Write out each line of the material exactly as given, and drop the images.

= Beginning of Section =

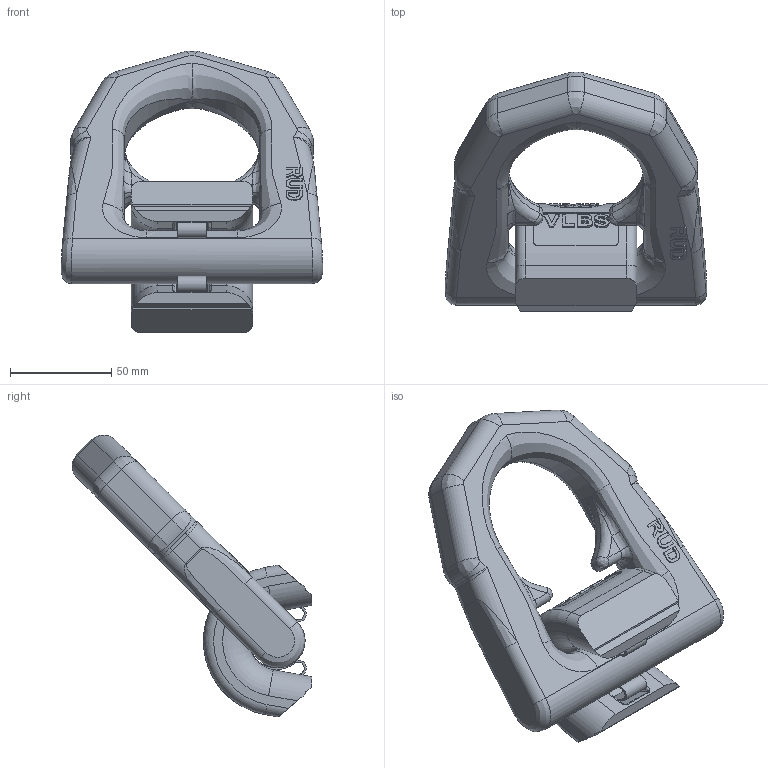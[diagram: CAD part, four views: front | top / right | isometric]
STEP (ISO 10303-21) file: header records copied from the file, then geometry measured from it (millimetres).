
FILE_DESCRIPTION((''),'2;1');
FILE_NAME('001-M32121-P5_ASM','2017-10-18T',('anja.joas'),(''),'PRO/ENGINEER BY PARAMETRIC TECHNOLOGY CORPORATION, 2011490','PRO/ENGINEER BY PARAMETRIC TECHNOLOGY CORPORATION, 2011490','');
FILE_SCHEMA(('CONFIG_CONTROL_DESIGN'));
Length unit declared in the file: millimetre
Products named in the file (4): 001-M32121-P6; 001-M34887-P01; 001-M31417-P-1; 001-M32121-P5_ASM
Assembly tree (3 placements, depth 2):
  001-M32121-P5_ASM
    001-M32121-P6
    001-M34887-P01
    001-M31417-P-1
Bounding box: 129.17 x 118.21 x 139.21 mm (x, y, z)
Volume: 368824.2 mm3; surface area: 60556.3 mm2
Topology: 3 solids, 3 shells, 553 faces, 1450 edges, 924 vertices
Faces by surface type: plane 280, cylinder 120, extrusion 73, bspline 60, torus 16, sphere 4
Entity records: 35193 total; most frequent: CARTESIAN_POINT 22260, ORIENTED_EDGE 2900, DIRECTION 2275, EDGE_CURVE 1450, VERTEX_POINT 924, VECTOR 859, LINE 786, AXIS2_PLACEMENT_3D 708

= End of Section =

[Result of this task]
[diagram: CAD part, four views: front | top / right | isometric]
STEP (ISO 10303-21) file: header records copied from the file, then geometry measured from it (millimetres).
FILE_DESCRIPTION((''),'2;1');
FILE_NAME('001-M32121-P5_ASM','2017-10-18T',('anja.joas'),(''),'PRO/ENGINEER BY PARAMETRIC TECHNOLOGY CORPORATION, 2011490','PRO/ENGINEER BY PARAMETRIC TECHNOLOGY CORPORATION, 2011490','');
FILE_SCHEMA(('CONFIG_CONTROL_DESIGN'));
Length unit declared in the file: millimetre
Products named in the file (4): 001-M32121-P6; 001-M34887-P01; 001-M31417-P-1; 001-M32121-P5_ASM
Assembly tree (3 placements, depth 2):
  001-M32121-P5_ASM
    001-M32121-P6
    001-M34887-P01
    001-M31417-P-1
Bounding box: 129.17 x 118.21 x 139.21 mm (x, y, z)
Volume: 368824.2 mm3; surface area: 60556.3 mm2
Topology: 3 solids, 3 shells, 553 faces, 1450 edges, 924 vertices
Faces by surface type: plane 280, cylinder 120, extrusion 73, bspline 60, torus 16, sphere 4
Entity records: 35193 total; most frequent: CARTESIAN_POINT 22260, ORIENTED_EDGE 2900, DIRECTION 2275, EDGE_CURVE 1450, VERTEX_POINT 924, VECTOR 859, LINE 786, AXIS2_PLACEMENT_3D 708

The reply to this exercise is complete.